— Эта штука учит нас чертовски ловко держаться на ногах, — заметил «двадцать один год», вытирая пот в паузе между вальсами. — Не желаете принять участие? Немного поупражняться никогда не помешает.
— Нет уж, — ответил я. — Тем более что я опасаюсь за наших «дам».
— Они у нас довольно выносливые, — задумчиво ответил «двадцать один год», в то время как некий судовой казначей резво развернулся на носках его ботинок.
Как им удавалось после целого дня изнурительной работы сохранить в себе силы для танцев, было выше моего понимания. Они танцевали, как и положено, — с пятки на носок, без отдыха, на протяжении нескольких часов, просто ради удовольствия от физических упражнений. А ведь в танцах участвовала не только флотская молодежь.

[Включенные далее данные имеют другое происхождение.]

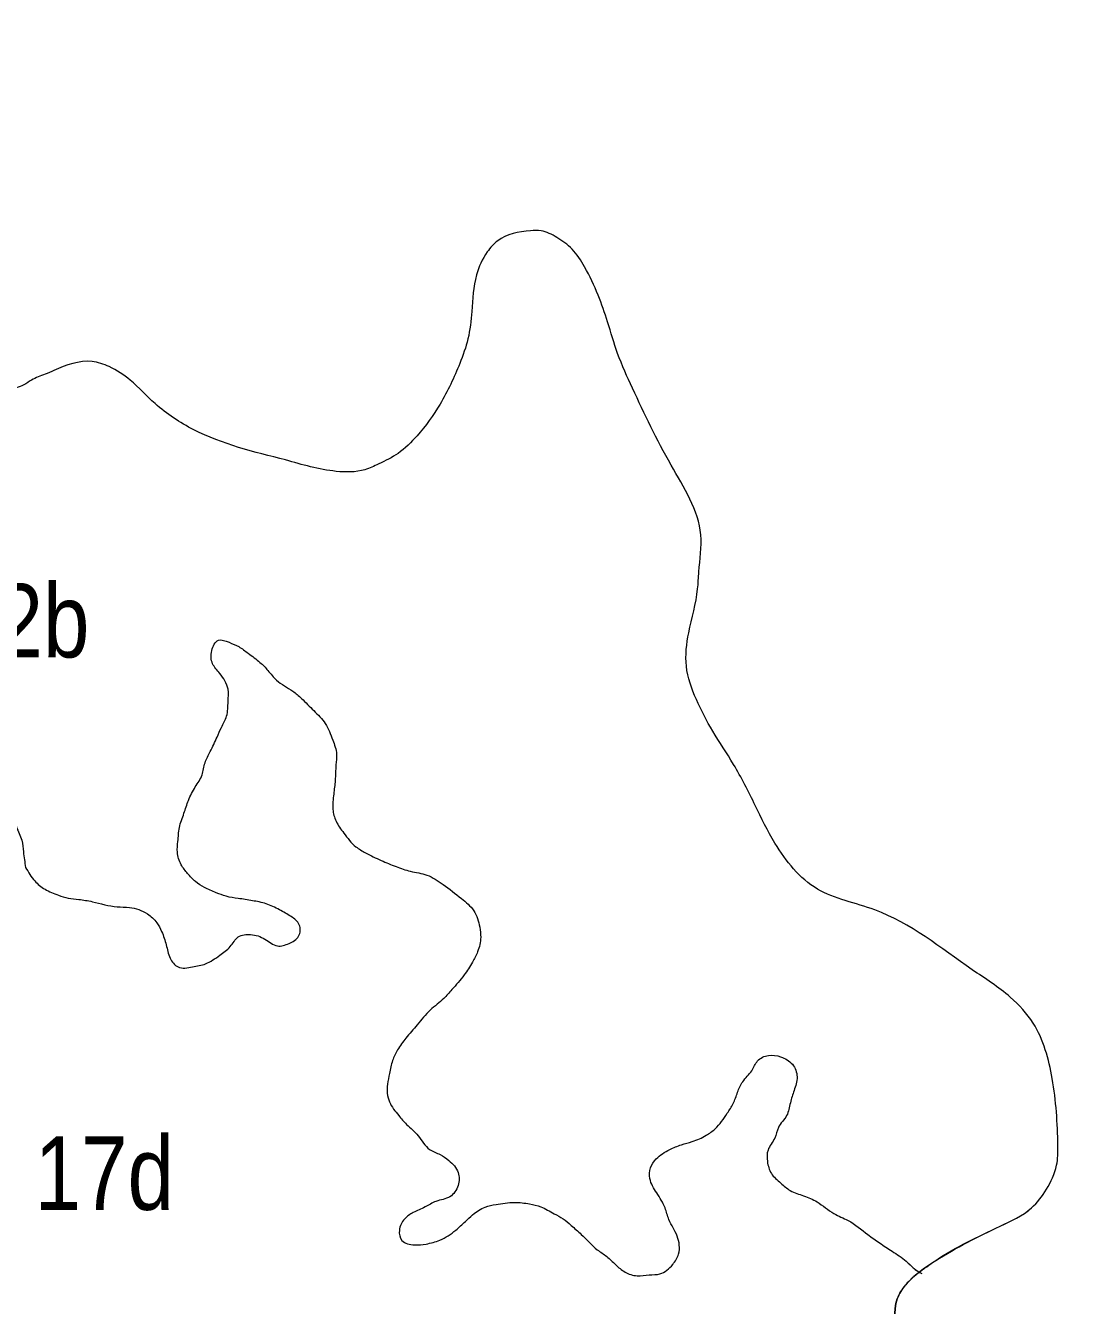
# Model space of a CAD drawing. Extents: x 854879 to 917879, y 8541948 to 8631048.
# Drawn here: x 891328 to 896773, y 8605093 to 8611712 of the extents above; entities that cross this region are included whole.
import ezdxf
from ezdxf.enums import TextEntityAlignment as Align

# ---------------------------------------------------------------- set-up
doc = ezdxf.new("R2010")
doc.units = 0
doc.header["$LTSCALE"] = 150
for name, color, linetype, lineweight in [('1', 7, 'Continuous', 13), ('12', 7, 'Continuous', 13), ('35', 7, 'Continuous', 13), ('50', 7, 'Continuous', 13)]:
    doc.layers.add(name, color=color, linetype=linetype, lineweight=lineweight)

msp = doc.modelspace()

# ---------------------------------------------------------------- linework, layer by layer
at = {"layer": '12'}
for points in [[(892672.9, 8609465.7), (892198, 8609621.7), (891998.2, 8609756.6), (891869.6, 8609877.9), (891760.9, 8609948), (891672, 8609974.5), (891475.1, 8609928.5), (891429, 8609908.6), (891359.8, 8609878.9), (891318.7, 8609853.9), (891241.9, 8609826.8), (891167.7, 8609799.7), (891085.8, 8609777.7), (890871.6, 8609770.1), (890792.6, 8609771), (890700.8, 8609772.1), (890588.7, 8609778.5), (890319.2, 8609835.3), (890207.7, 8609892.7), (889977.6, 8610050.9), (889903.9, 8610074.7), (889832.8, 8610093.4), (889748.7, 8610102), (889669.4, 8610077.5), (889612.4, 8610001.7), (889606.1, 8609899.9), (889615, 8609790.2), (889613.5, 8609665.3), (889566.5, 8609566.5), (889468.9, 8609509.1), (889374.5, 8609500), (889229, 8609483.9), (889139.1, 8609426.4), (889019.3, 8609216.3), (889000.1, 8609104.4), (888948.1, 8609010.8), (888873.1, 8608925), (888721.8, 8608852.9), (888580.9, 8608793.4), (888460.8, 8608764.3), (888340.7, 8608747.9), (888259.3, 8608756.5), (888157.7, 8608793.4), (887962.4, 8608877.3), (887885.8, 8608860.4), (887801, 8608810.4), (887731.8, 8608778.1), (887632, 8608746.2), (887466.7, 8608776.2), (887378.2, 8608841), (887340.3, 8608872), (887274.9, 8608941.6), (887197.2, 8609054.6), (887162.8, 8609167.2), (887122, 8609379.2), (887160, 8609783.9), (887115, 8609863.4), (887044.5, 8609935.6), (886960.9, 8609982.5), (886775.5, 8610040.8), (886503.5, 8610102.6), (886312.8, 8610148.2), (886016.4, 8610302.1), (885909.8, 8610339.1), (885825.9, 8610357.9), (885767.2, 8610358.6), (885634.6, 8610355.1), (885423, 8610347.5), (885336.5, 8610361.2), (885260.2, 8610385.1), (885201.9, 8610411.3), (885163.8, 8610421.9), (884758.9, 8610671.4), (884634.5, 8610716.2), (884510.2, 8610771.2), (884457.5, 8610833), (884387.7, 8610968.9), (884375.6, 8611025.1), (884356, 8611094.1), (884318.6, 8611160.8), (884238.1, 8611251), (884169.8, 8611295.1), (884004.9, 8611368.5), (883944.2, 8611407.4), (883908.9, 8611435.9), (883845.9, 8611502.9), (883805.9, 8611564.5), (883707.7, 8611670.2), (883636.7, 8611699), (883542.5, 8611710.4), (883458.2, 8611696.1)], [(898709.6, 8597663.7), (898579.1, 8597838.5), (898432.9, 8597977.9), (898371.8, 8597988.8), (898303.2, 8598002.4), (898232.5, 8598059.3), (898192.5, 8598131.1), (898160.3, 8598210.5), (898140.9, 8598294.8), (898094, 8598422.8), (897974.2, 8598635.7), (897782.9, 8598847), (897694.9, 8598944.9), (897581.8, 8599078.7), (897454.1, 8599276.5), (897414.3, 8599358.5), (897347.7, 8599759.4), (897308.1, 8599859.2), (897226.2, 8600048.8), (897167.2, 8600230.4), (897069.7, 8600613.8), (897060.2, 8601100.7), (897034.4, 8601289.5), (896995.3, 8601646.8), (896974.8, 8602067.5), (896984.2, 8602207.5), (896998.9, 8602378.1), (896999.8, 8602663.5), (897010.2, 8602892.7), (897015.1, 8603091.4), (896942.2, 8603395.5), (896869.4, 8603490.7), (896784.2, 8603616.6), (896637.5, 8603715.2), (896459.5, 8603750.4), (896334.5, 8603741.7), (896227.5, 8603745.5), (896026.7, 8604018.1), (895961.7, 8604118.2), (895901.9, 8604241.3), (895852.2, 8604343.8), (895836.1, 8604494.3), (895838.6, 8604700.7), (895836.1, 8604919.9), (895836, 8605126.3), (895880.2, 8605199.7), (896034.6, 8605325.2), (896368.1, 8605502.2), (896529.9, 8605597.1), (896607.5, 8605693), (896660, 8605817.2), (896666.3, 8605919.1), (896637.2, 8606266), (896538.7, 8606552.6), (896420.5, 8606686.5), (896223.3, 8606829), (895719.7, 8607138.3), (895422.7, 8607246.3), (895203.7, 8607483.4), (895101.5, 8607678.3), (894989.3, 8607891.1), (894881.7, 8608063.1), (894797, 8608227.2), (894745.5, 8608398.6), (894757.8, 8608571.7), (894803.8, 8608798), (894810, 8608887.1), (894819.9, 8609078.1), (894666.1, 8609439.2), (894466.9, 8609836.6), (894390, 8610015.9), (894338.4, 8610179.6), (894289.1, 8610317.8), (894219.4, 8610463.9), (894154.2, 8610556.4), (894075.9, 8610616), (893994.7, 8610650.1), (893938.7, 8610650.7), (893769.8, 8610599.2), (893715.6, 8610541.3), (893660.6, 8610422.2), (893635.4, 8610233.9), (893615.9, 8610091.4), (893573.6, 8609964.5), (893471.7, 8609754.2), (893352.5, 8609590), (893254.5, 8609499.5), (893154.4, 8609444.6), (893082.7, 8609414.9), (892934.8, 8609406.4), (892672.9, 8609465.7)]]:
    msp.add_spline(points, degree=3, dxfattribs=at)
at = {"layer": '35'}
for points in [[(891328.5, 8607358), (891376, 8607287.8), (891428.9, 8607245.2), (891498.1, 8607213.8), (891548.6, 8607199.2), (891603.4, 8607192.4), (891673.7, 8607180.8), (891802.3, 8607154.2), (891865.2, 8607150.9), (891958.1, 8607118.2), (892006.8, 8607071.8), (892032, 8607026.7), (892055.8, 8606957.8), (892075.8, 8606889), (892116.7, 8606843.1), (892191.6, 8606843.2), (892259.5, 8606859.6), (892332.8, 8606903.6), (892386.4, 8606948.6), (892428.5, 8606998.2), (892492.2, 8607010.8), (892565.9, 8606987.1), (892631, 8606951.8), (892690.8, 8606964.6), (892740.1, 8607001.9), (892743.3, 8607061.5), (892702.2, 8607103.4), (892641, 8607138.5), (892571.8, 8607170), (892501.7, 8607185.6), (892427.4, 8607197.4), (892365, 8607208.6), (892314.7, 8607227.1), (892253.1, 8607254.2), (892207.4, 8607284.5), (892166.3, 8607326.4), (892133.3, 8607372), (892113.2, 8607436.8), (892116.2, 8607492.4), (892123.9, 8607563.7), (892147.6, 8607638.1), (892170.9, 8607704.6), (892206.2, 8607774.5), (892241.1, 8607836.4), (892256.3, 8607899.3), (892283.1, 8607957.7), (892318.6, 8608031.5), (892341, 8608082.1), (892367.8, 8608140.5), (892375.8, 8608215.8), (892375.3, 8608279.5), (892332.4, 8608361.4), (892295.7, 8608411.1), (892291.4, 8608479.1), (892325.9, 8608533), (892380.5, 8608522.2), (892430.5, 8608499.7), (892479.9, 8608465.3), (892540.4, 8608418.3), (892581.5, 8608376.4), (892626.1, 8608326.2), (892709.8, 8608270.1), (892755.1, 8608231.9), (892818.7, 8608168.9), (892878.1, 8608102.1), (892916.9, 8608016.4), (892936.6, 8607943.7), (892933.6, 8607888.1), (892929.3, 8607808.6), (892921.6, 8607737.3), (892917.3, 8607657.9), (892933.7, 8607597.3), (892973.8, 8607535.5), (893036.9, 8607464.5), (893086.5, 8607434), (893167.2, 8607394), (893244.3, 8607362.1), (893317.9, 8607338.3), (893403.5, 8607318), (893487.6, 8607269.8), (893582.2, 8607197.2), (893645.8, 8607134.1), (893676.7, 8607048.9), (893681.8, 8606996.8), (893666, 8606922), (893639.4, 8606867.6), (893596.4, 8606802.1), (893533.2, 8606725.7), (893491.3, 8606680.1), (893421.1, 8606620), (893353.9, 8606543.8)], [(889158.7, 8606295.6), (889146.8, 8606220.6), (889198.2, 8606150.2), (889258.7, 8606103.2), (889311, 8606048.7), (889358.2, 8605974.6), (889382.1, 8605905.6), (889373.9, 8605826.4), (889369.8, 8605750.9), (889335.8, 8605704.9), (889313.6, 8605658.2), (889264.3, 8605621), (889218.9, 8605583.5), (889158.1, 8605550.8), (889089.7, 8605526.5), (888977.6, 8605492.5), (888961.9, 8605421.6), (888999.1, 8605379.8), (889057.2, 8605360.9), (889116.1, 8605357.8), (889186.2, 8605342.2), (889234.6, 8605287.9), (889275.4, 8605242), (889329, 8605211.3), (889411.3, 8605203.1), (889486.4, 8605207.2), (889566.1, 8605222.9), (889627.6, 8605267.5), (889710.5, 8605342.9), (889733.3, 8605401.4), (889737, 8605469), (889741, 8605544.4), (889724.8, 8605609), (889717.1, 8605685.1), (889732.3, 8605748), (889759.3, 8605810.4), (889793.5, 8605860.4), (889838.9, 8605897.8), (889912, 8605937.9), (889978.8, 8605934.4), (890028.4, 8605903.9), (890078, 8605873.5), (890132.8, 8605866.7), (890213.3, 8605898.3), (890263.5, 8605951.5), (890285.9, 8606002.1), (890304.4, 8606052.9), (890316.6, 8606131.9), (890319.8, 8606191.5), (890362.5, 8606253.1), (890397, 8606307), (890434.2, 8606340.9), (890487.5, 8606378), (890540.5, 8606411.1), (890589.4, 8606440.4), (890645.7, 8606461.4), (890710.9, 8606501.8), (890780.5, 8606550), (890814.5, 8606596), (890793.5, 8606644.9), (890728.4, 8606680.2), (890667.2, 8606715.2), (890662.8, 8606779.2), (890673.6, 8606834.4), (890680.3, 8606885.8), (890683.8, 8606949.3), (890691.6, 8607020.6), (890681, 8607116.8), (890626.7, 8607207.2), (890597.4, 8607248.6), (890568.3, 8607293.9), (890528.3, 8607355.7), (890543.3, 8607414.7), (890558.1, 8607469.7), (890592.5, 8607523.7), (890632.2, 8607601.3), (890662.5, 8607651.5), (890725.7, 8607727.9), (890786.8, 8607764.5), (890859.5, 8607796.6), (890951.1, 8607815.8), (891018.4, 8607820.2), (891092.4, 8607804.4), (891149.7, 8607769.6), (891194.7, 8607727.4), (891250.7, 8607668.8), (891267.7, 8607620.1), (891280.7, 8607567.6), (891308.5, 8607498.4), (891317.1, 8607438.3), (891328.5, 8607358)], [(893353.9, 8606543.8), (893295.1, 8606475.2), (893252.3, 8606413.7), (893225.8, 8606359.3), (893210.3, 8606292.4), (893199.5, 8606237.2), (893210.3, 8606145), (893257.7, 8606074.8), (893298.6, 8606028.9), (893358.5, 8605970), (893417.8, 8605899.2), (893471.5, 8605872.5), (893517.2, 8605842.3), (893565.1, 8605780), (893565.4, 8605712.3), (893522.8, 8605654.8), (893450.6, 8605630.6), (893393.9, 8605601.7), (893333.2, 8605573), (893288.1, 8605539.5), (893261.3, 8605481.2), (893274.2, 8605428.7), (893340, 8605405.4), (893399.3, 8605410.2), (893471.4, 8605430.4), (893553, 8605481.9), (893602.7, 8605527.2), (893640, 8605561.1), (893705.2, 8605601.5), (893761.1, 8605614.5), (893856.3, 8605625.5), (893934.7, 8605617.5), (893993, 8605602.5), (894062.1, 8605567), (894107.9, 8605540.8), (894149.5, 8605506.7), (894202.1, 8605460.2), (894284.5, 8605380.2), (894333.9, 8605345.8), (894379, 8605303.6), (894428.1, 8605265.2), (894490.2, 8605246.1), (894553.5, 8605250.7), (894608.9, 8605255.8), (894674.6, 8605304.2), (894705.1, 8605358.4), (894698.2, 8605450.3), (894655.5, 8605536.2), (894635.2, 8605597), (894592.1, 8605674.9), (894556.6, 8605748.5), (894559.6, 8605804.1), (894589.7, 8605850.3), (894659.3, 8605898.5), (894719.7, 8605923.2), (894775.8, 8605940.2), (894848.5, 8605972.3), (894893.7, 8606005.8), (894927.2, 8606043.9), (894957.1, 8606086.2), (894987.4, 8606136.4), (895010.2, 8606194.9), (895036.8, 8606249.3), (895083.3, 8606306.7), (895113.6, 8606356.9), (895170.3, 8606385.8), (895233, 8606378.5), (895293.9, 8606339.5), (895318, 8606274.6), (895302.4, 8606203.7), (895283.2, 8606140.9), (895263.9, 8606074.2), (895221.2, 8606012.7), (895202.5, 8605957.9), (895167.6, 8605896), (895164.4, 8605836.4), (895184.8, 8605775.6), (895233.3, 8605725.3), (895282.5, 8605686.9), (895351.9, 8605659.4), (895421.2, 8605627.9), (895508.6, 8605567.6), (895581.5, 8605531.9), (895684, 8605458.9), (895744.8, 8605415.9), (895809.5, 8605372.7), (895881.6, 8605321.2), (895922.9, 8605283.2), (895949.4, 8605265.2)], [(895948.3, 8605264.3), (895880.2, 8605199.7), (895836, 8605126.3), (895836.1, 8604919.9), (895838.6, 8604700.7), (895836.1, 8604494.3), (895852.2, 8604343.8), (895901.9, 8604241.3), (895961.7, 8604118.2), (896026.7, 8604018.1), (896227.5, 8603745.5), (896334.5, 8603741.7), (896459.5, 8603750.4), (896637.5, 8603715.2), (896784.2, 8603616.6), (896869.4, 8603490.7), (896942.2, 8603395.5), (897015.1, 8603095.7)]]:
    msp.add_spline(points, degree=3, dxfattribs=at)
at = {"layer": '50'}
for points in [[(895942.6, 8605259.3), (896034.6, 8605325.2), (896368.1, 8605502.2), (896529.9, 8605597.1), (896607.5, 8605693), (896660, 8605817.2), (896666.3, 8605919.1), (896637.2, 8606266), (896538.7, 8606552.6), (896420.5, 8606686.5), (896223.3, 8606829), (895719.7, 8607138.3), (895422.7, 8607246.3), (895203.7, 8607483.4), (895101.5, 8607678.3), (894989.3, 8607891.1), (894881.7, 8608063.1), (894797, 8608227.2), (894745.5, 8608398.6), (894757.8, 8608571.7), (894803.8, 8608798), (894810, 8608887.1), (894819.9, 8609078.1), (894666.1, 8609439.2), (894466.9, 8609836.6), (894390, 8610015.9), (894338.4, 8610179.6), (894289.1, 8610317.8), (894219.4, 8610463.9), (894154.2, 8610556.4), (894075.9, 8610616), (893994.7, 8610650.1), (893938.7, 8610650.7), (893769.8, 8610599.2), (893715.6, 8610541.3), (893660.6, 8610422.2), (893635.4, 8610233.9), (893615.9, 8610091.4), (893573.6, 8609964.5), (893471.7, 8609754.2), (893352.5, 8609590), (893254.5, 8609499.5), (893154.4, 8609444.6), (893082.7, 8609414.9), (892934.8, 8609406.4), (892672.9, 8609465.7)], [(892672.9, 8609465.7), (892198, 8609621.7), (891998.2, 8609756.6), (891869.6, 8609877.9), (891760.9, 8609948), (891672, 8609974.5), (891475.1, 8609928.5), (891429, 8609908.6), (891359.8, 8609878.9), (891318.7, 8609853.9), (891241.9, 8609826.8), (891167.7, 8609799.7), (891085.8, 8609777.7), (890871.6, 8609770.1), (890792.6, 8609771), (890700.8, 8609772.1), (890588.7, 8609778.5), (890319.2, 8609835.3), (890207.7, 8609892.7), (889977.6, 8610050.9), (889903.9, 8610074.7), (889832.8, 8610093.4), (889832.2, 8610093.5)], [(891328.5, 8607358), (891376, 8607287.8), (891428.9, 8607245.2), (891498.1, 8607213.8), (891548.6, 8607199.2), (891603.4, 8607192.4), (891673.7, 8607180.8), (891802.3, 8607154.2), (891865.2, 8607150.9), (891958.1, 8607118.2), (892006.8, 8607071.8), (892032, 8607026.7), (892055.8, 8606957.8), (892075.8, 8606889), (892116.7, 8606843.1), (892191.6, 8606843.2), (892259.5, 8606859.6), (892332.8, 8606903.6), (892386.4, 8606948.6), (892428.5, 8606998.2), (892492.2, 8607010.8), (892565.9, 8606987.1), (892631, 8606951.8), (892690.8, 8606964.6), (892740.1, 8607001.9), (892743.3, 8607061.5), (892702.2, 8607103.4), (892641, 8607138.5), (892571.8, 8607170), (892501.7, 8607185.6), (892427.4, 8607197.4), (892365, 8607208.6), (892314.7, 8607227.1), (892253.1, 8607254.2), (892207.4, 8607284.5), (892166.3, 8607326.4), (892133.3, 8607372), (892113.2, 8607436.8), (892116.2, 8607492.4), (892123.9, 8607563.7), (892147.6, 8607638.1), (892170.9, 8607704.6), (892206.2, 8607774.5), (892241.1, 8607836.4), (892256.3, 8607899.3), (892283.1, 8607957.7), (892318.6, 8608031.5), (892341, 8608082.1), (892367.8, 8608140.5), (892375.8, 8608215.8), (892375.3, 8608279.5), (892332.4, 8608361.4), (892295.7, 8608411.1), (892291.4, 8608479.1), (892325.9, 8608533), (892380.5, 8608522.2), (892430.5, 8608499.7), (892479.9, 8608465.3), (892540.4, 8608418.3), (892581.5, 8608376.4), (892626.1, 8608326.2), (892709.8, 8608270.1), (892755.1, 8608231.9), (892818.7, 8608168.9), (892878.1, 8608102.1), (892916.9, 8608016.4), (892936.6, 8607943.7), (892933.6, 8607888.1), (892929.3, 8607808.6), (892921.6, 8607737.3), (892917.3, 8607657.9), (892933.7, 8607597.3), (892973.8, 8607535.5), (893036.9, 8607464.5), (893086.5, 8607434), (893167.2, 8607394), (893244.3, 8607362.1), (893317.9, 8607338.3), (893403.5, 8607318), (893487.6, 8607269.8), (893582.2, 8607197.2), (893645.8, 8607134.1), (893676.7, 8607048.9), (893681.8, 8606996.8), (893666, 8606922), (893639.4, 8606867.6), (893596.4, 8606802.1), (893533.2, 8606725.7), (893491.3, 8606680.1), (893421.1, 8606620), (893353.9, 8606543.8)], [(889158.7, 8606295.6), (889146.8, 8606220.6), (889198.2, 8606150.2), (889258.7, 8606103.2), (889311, 8606048.7), (889358.2, 8605974.6), (889382.1, 8605905.6), (889373.9, 8605826.4), (889369.8, 8605750.9), (889335.8, 8605704.9), (889313.6, 8605658.2), (889264.3, 8605621), (889218.9, 8605583.5), (889158.1, 8605550.8), (889089.7, 8605526.5), (888977.6, 8605492.5), (888961.9, 8605421.6), (888999.1, 8605379.8), (889057.2, 8605360.9), (889116.1, 8605357.8), (889186.2, 8605342.2), (889234.6, 8605287.9), (889275.4, 8605242), (889329, 8605211.3), (889411.3, 8605203.1), (889486.4, 8605207.2), (889566.1, 8605222.9), (889627.6, 8605267.5), (889710.5, 8605342.9), (889733.3, 8605401.4), (889737, 8605469), (889741, 8605544.4), (889724.8, 8605609), (889717.1, 8605685.1), (889732.3, 8605748), (889759.3, 8605810.4), (889793.5, 8605860.4), (889838.9, 8605897.8), (889912, 8605937.9), (889978.8, 8605934.4), (890028.4, 8605903.9), (890078, 8605873.5), (890132.8, 8605866.7), (890213.3, 8605898.3), (890263.5, 8605951.5), (890285.9, 8606002.1), (890304.4, 8606052.9), (890316.6, 8606131.9), (890319.8, 8606191.5), (890362.5, 8606253.1), (890397, 8606307), (890434.2, 8606340.9), (890487.5, 8606378), (890540.5, 8606411.1), (890589.4, 8606440.4), (890645.7, 8606461.4), (890710.9, 8606501.8), (890780.5, 8606550), (890814.5, 8606596), (890793.5, 8606644.9), (890728.4, 8606680.2), (890667.2, 8606715.2), (890662.8, 8606779.2), (890673.6, 8606834.4), (890680.3, 8606885.8), (890683.8, 8606949.3), (890691.6, 8607020.6), (890681, 8607116.8), (890626.7, 8607207.2), (890597.4, 8607248.6), (890568.3, 8607293.9), (890528.3, 8607355.7), (890543.3, 8607414.7), (890558.1, 8607469.7), (890592.5, 8607523.7), (890632.2, 8607601.3), (890662.5, 8607651.5), (890725.7, 8607727.9), (890786.8, 8607764.5), (890859.5, 8607796.6), (890951.1, 8607815.8), (891018.4, 8607820.2), (891092.4, 8607804.4), (891149.7, 8607769.6), (891194.7, 8607727.4), (891250.7, 8607668.8), (891267.7, 8607620.1), (891280.7, 8607567.6), (891308.5, 8607498.4), (891317.1, 8607438.3), (891328.5, 8607358)], [(893353.9, 8606543.8), (893295.1, 8606475.2), (893252.3, 8606413.7), (893225.8, 8606359.3), (893210.3, 8606292.4), (893199.5, 8606237.2), (893210.3, 8606145), (893257.7, 8606074.8), (893298.6, 8606028.9), (893358.5, 8605970), (893417.8, 8605899.2), (893471.5, 8605872.5), (893517.2, 8605842.3), (893565.1, 8605780), (893565.4, 8605712.3), (893522.8, 8605654.8), (893450.6, 8605630.6), (893393.9, 8605601.7), (893333.2, 8605573), (893288.1, 8605539.5), (893261.3, 8605481.2), (893274.2, 8605428.7), (893340, 8605405.4), (893399.3, 8605410.2), (893471.4, 8605430.4), (893553, 8605481.9), (893602.7, 8605527.2), (893640, 8605561.1), (893705.2, 8605601.5), (893761.1, 8605614.5), (893856.3, 8605625.5), (893934.7, 8605617.5), (893993, 8605602.5), (894062.1, 8605567), (894107.9, 8605540.8), (894149.5, 8605506.7), (894202.1, 8605460.2), (894284.5, 8605380.2), (894333.9, 8605345.8), (894379, 8605303.6), (894428.1, 8605265.2), (894490.2, 8605246.1), (894553.5, 8605250.7), (894608.9, 8605255.8), (894674.6, 8605304.2), (894705.1, 8605358.4), (894698.2, 8605450.3), (894655.5, 8605536.2), (894635.2, 8605597), (894592.1, 8605674.9), (894556.6, 8605748.5), (894559.6, 8605804.1), (894589.7, 8605850.3), (894659.3, 8605898.5), (894719.7, 8605923.2), (894775.8, 8605940.2), (894848.5, 8605972.3), (894893.7, 8606005.8), (894927.2, 8606043.9), (894957.1, 8606086.2), (894987.4, 8606136.4), (895010.2, 8606194.9), (895036.8, 8606249.3), (895083.3, 8606306.7), (895113.6, 8606356.9), (895170.3, 8606385.8), (895233, 8606378.5), (895293.9, 8606339.5), (895318, 8606274.6), (895302.4, 8606203.7), (895283.2, 8606140.9), (895263.9, 8606074.2), (895221.2, 8606012.7), (895202.5, 8605957.9), (895167.6, 8605896), (895164.4, 8605836.4), (895184.8, 8605775.6), (895233.3, 8605725.3), (895282.5, 8605686.9), (895351.9, 8605659.4), (895421.2, 8605627.9), (895508.6, 8605567.6), (895581.5, 8605531.9), (895684, 8605458.9), (895744.8, 8605415.9), (895809.5, 8605372.7), (895881.6, 8605321.2), (895922.9, 8605283.2), (895962.6, 8605257.1)]]:
    msp.add_spline(points, degree=3, dxfattribs=at)

# ---------------------------------------------------------------- texts
at = {"layer": '1', "width": 0.85}
for s, p in [('12b', (891298.4, 8608444)), ('17d', (891735.4, 8605586.8))]:
    msp.add_text(s, height=380, dxfattribs=at).set_placement(p, align=Align.CENTER)

doc.saveas('drawing.dxf')

Наконец, тяжело дыша, мы погрузились в шлюпки и уже с воды наблюдали, как позади нас озаренный огнями мужской бал постепенно блекнет, мигает и, наконец, гаснет.
Флагман вернулся к привычному распорядку. Завтра он поведет нас в Бостон для состязаний на скорость.
— Разве это не возмутительно? Разве это не форменное безобразие? — раздраженно проговорил вахтенный офицер, указывая на грязные столбы дыма, поднимавшиеся над каждой из корабельных труб. — Флот Канала ее величества, с вашего позволения, идет полным ходом, сжигая в топках конский навоз!
Зрелище и вправду было прискорбное. Мы только что снялись с якоря, но нас уже можно было разглядеть за тридцать миль — позади тянулся дымный шлейф, полный несгоревшей пыли, кусочков пустой породы и мусора. Старший лейтенант уныло взглянул на гору шлака, громоздившуюся у коечных сеток, и благословил Уэльс в соответствующих выражениях. Старший механик ограничился меланхолическим замечанием: «Никогда не знаешь, с чем повезет на флоте», натянул самую старую робу и вскоре потерял всякое сходство с добрым христианином. И тут судьба нанесла ему еще один удар, поскольку за миг до того, как его топки достигли красного накала, крейсеру было приказано выбирать якорь вручную, что задержало нас на час, а его драгоценные топки и котлы забились копотью.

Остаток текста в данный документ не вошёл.